- Exercise material -

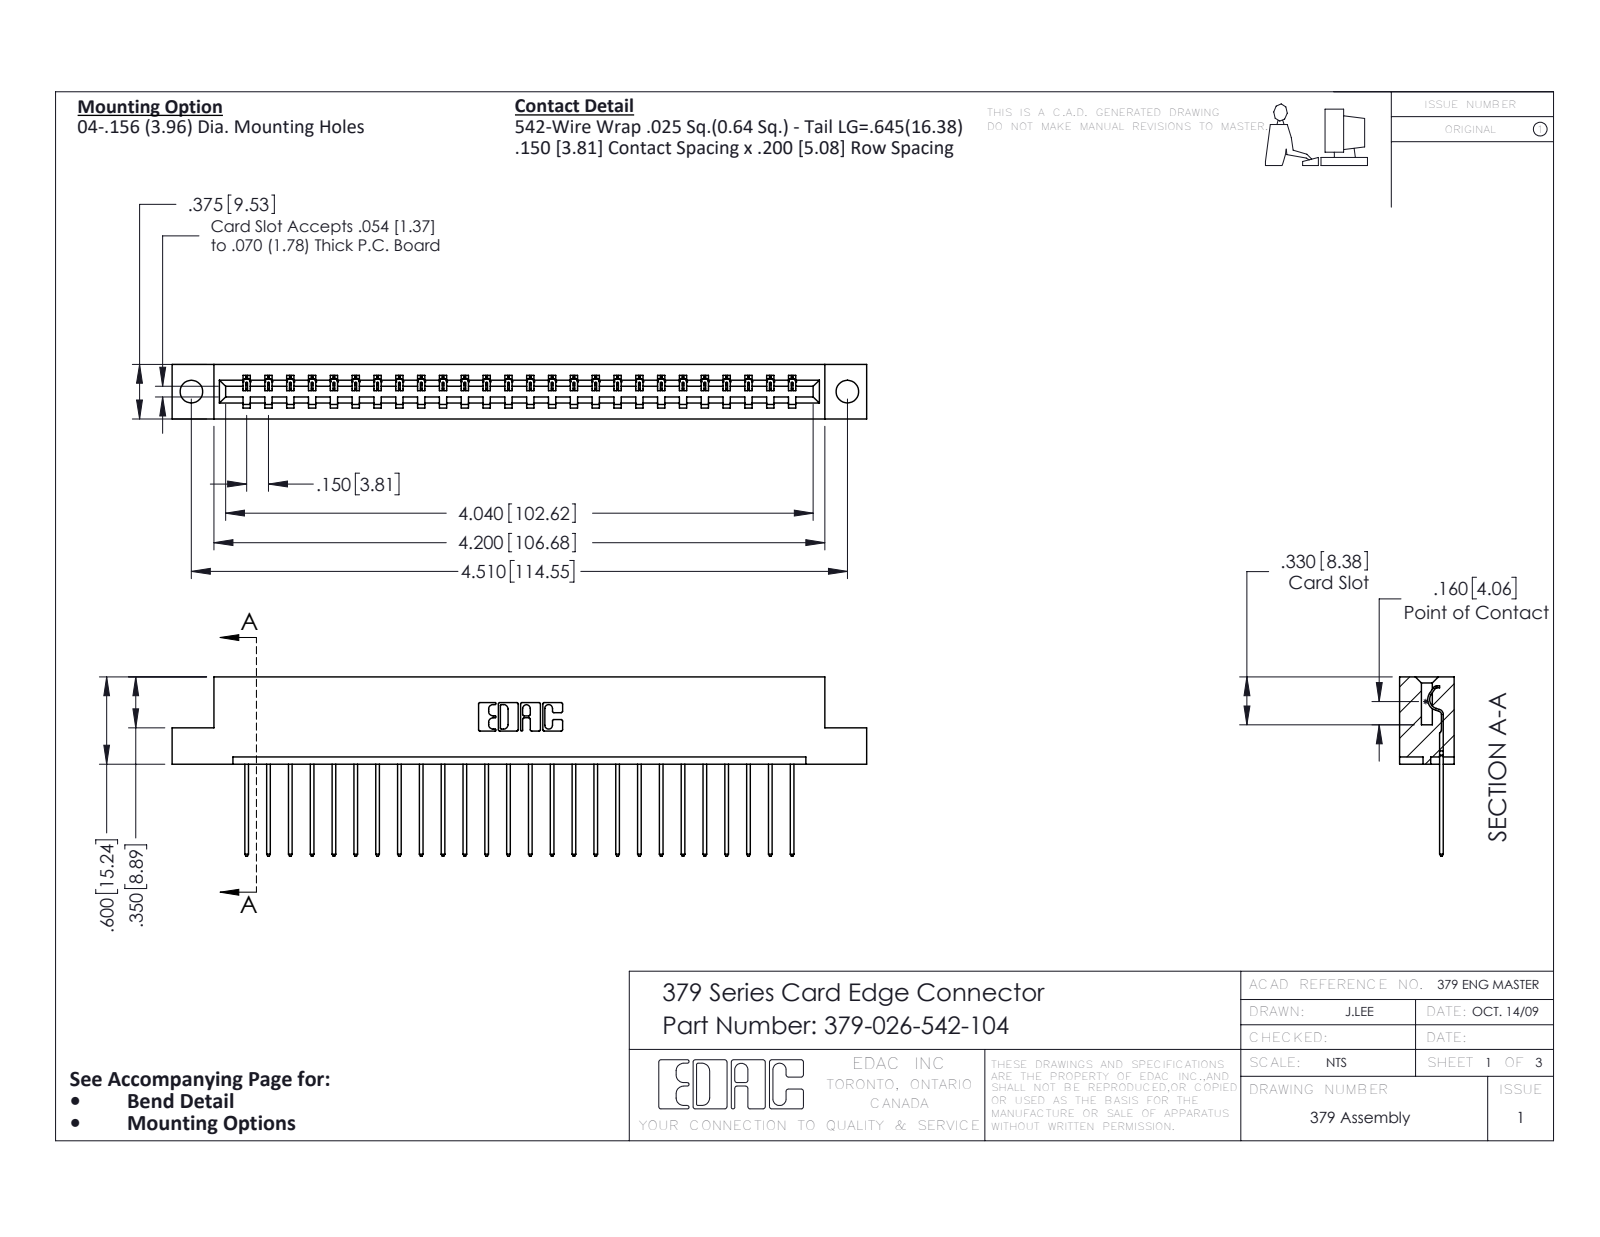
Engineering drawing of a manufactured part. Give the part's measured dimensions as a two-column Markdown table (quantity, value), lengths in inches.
| quantity | value |
| --- | --- |
| part name | 379-026-542-104; 345-292-001_345-293-142; 379 Part_Flush - .156 Dia - TH |
| STEP written by | SolidWorks 2016 (CONFIG_CONTROL_DESIGN) |
| units | inches |
| bodies | 27 solids, 1622 faces (1162 planar, 460 cylindrical, 0 other) |
| overall size | 4.775 × 1.232 × 0.375 |
| volume | 0.764 in³ |
| surface area | 20.01 in² |
| round holes (diameter × count) | 0.156 × 2 |
| partial cylindrical surfaces (radius × count) | 0.006 × 52, 0.01 × 52, 0.01 × 22, 0.007 × 6, 0.031 × 6, 0.026 × 3, 0.014 × 1, 0.022 × 1 |
| main face-to-face distances | 0.3, 0.075, 0.375, 0.225, 0.6, 0.275, 0.1, 0.025, 0.2, 0.15 |
| hole center spacings | 4.51 |
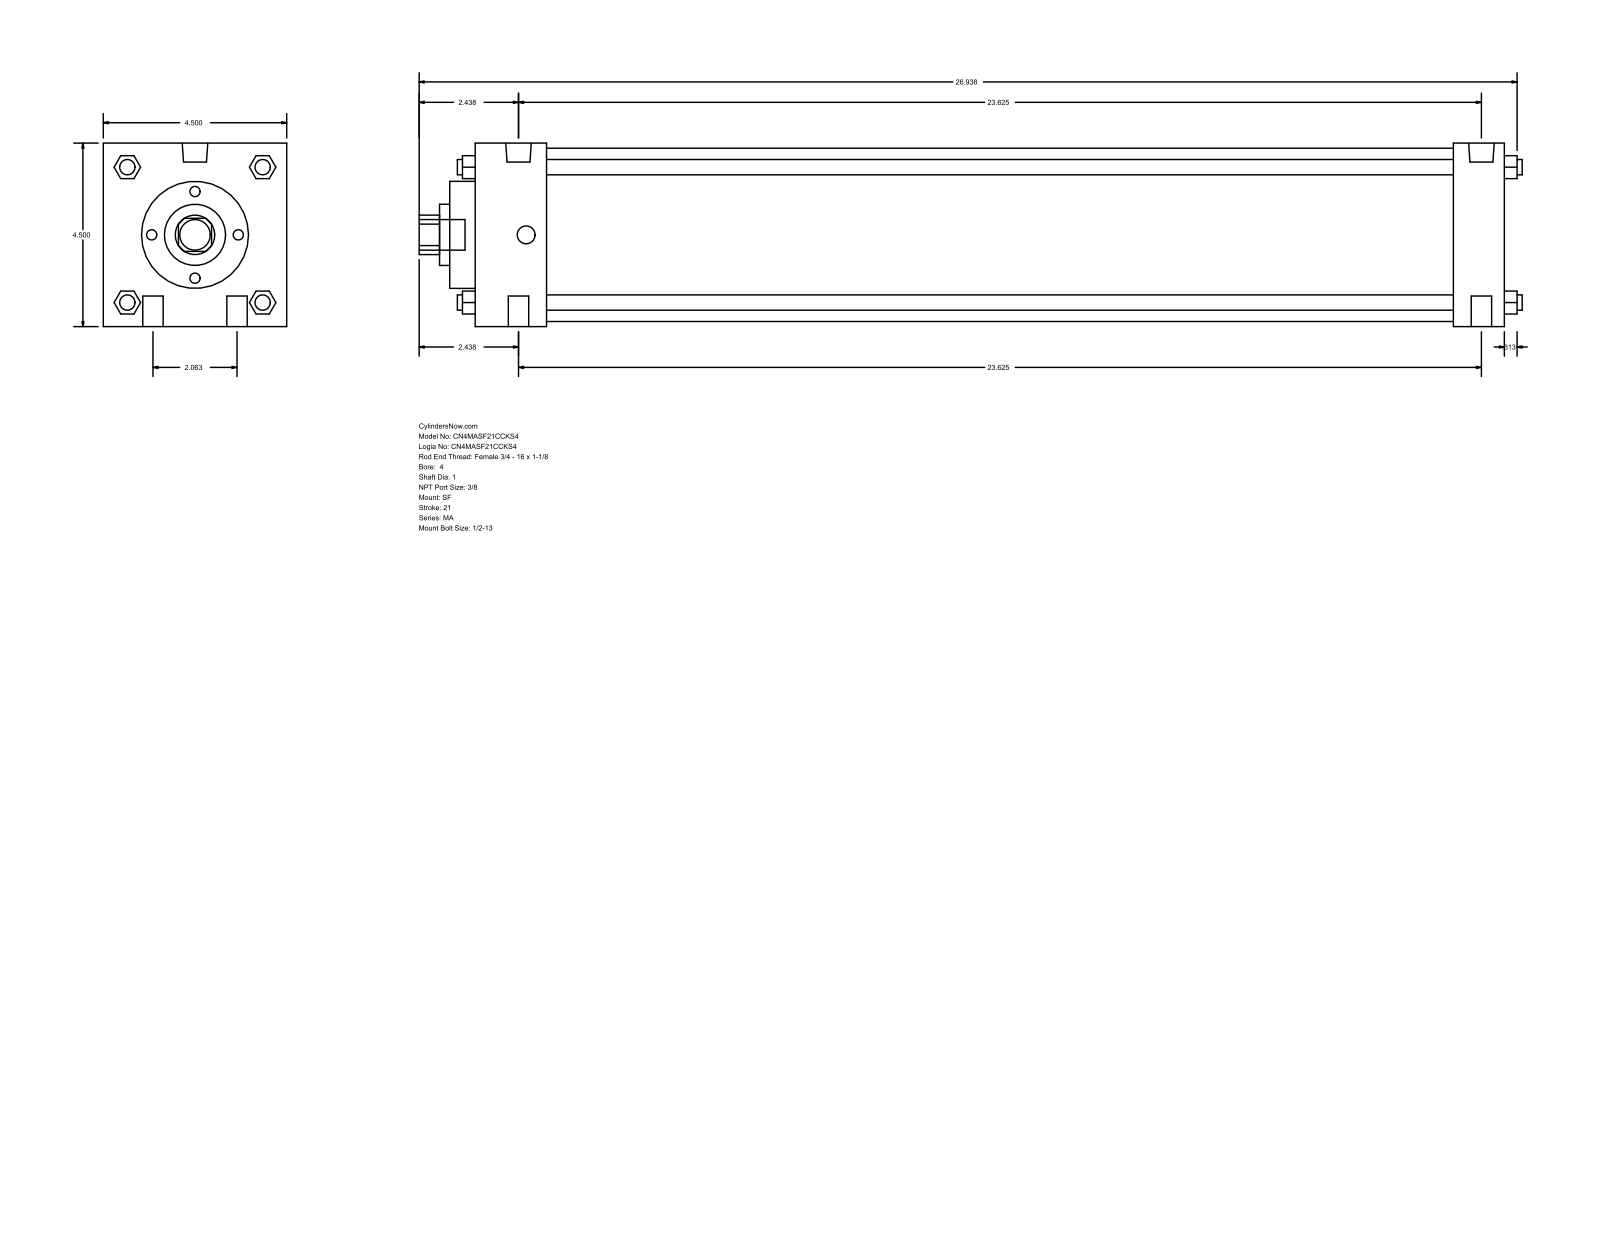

- Action item -
Restate each entry word for word, please, but drop any images it holds.

- Exercise response -
Engineering drawing of a manufactured part. Give the part's measured dimensions as a two-column Markdown table (quantity, value), lengths in inches.
| quantity | value |
| --- | --- |
| part name | 379-026-542-104; 345-292-001_345-293-142; 379 Part_Flush - .156 Dia - TH |
| STEP written by | SolidWorks 2016 (CONFIG_CONTROL_DESIGN) |
| units | inches |
| bodies | 27 solids, 1622 faces (1162 planar, 460 cylindrical, 0 other) |
| overall size | 4.775 × 1.232 × 0.375 |
| volume | 0.764 in³ |
| surface area | 20.01 in² |
| round holes (diameter × count) | 0.156 × 2 |
| partial cylindrical surfaces (radius × count) | 0.006 × 52, 0.01 × 52, 0.01 × 22, 0.007 × 6, 0.031 × 6, 0.026 × 3, 0.014 × 1, 0.022 × 1 |
| main face-to-face distances | 0.3, 0.075, 0.375, 0.225, 0.6, 0.275, 0.1, 0.025, 0.2, 0.15 |
| hole center spacings | 4.51 |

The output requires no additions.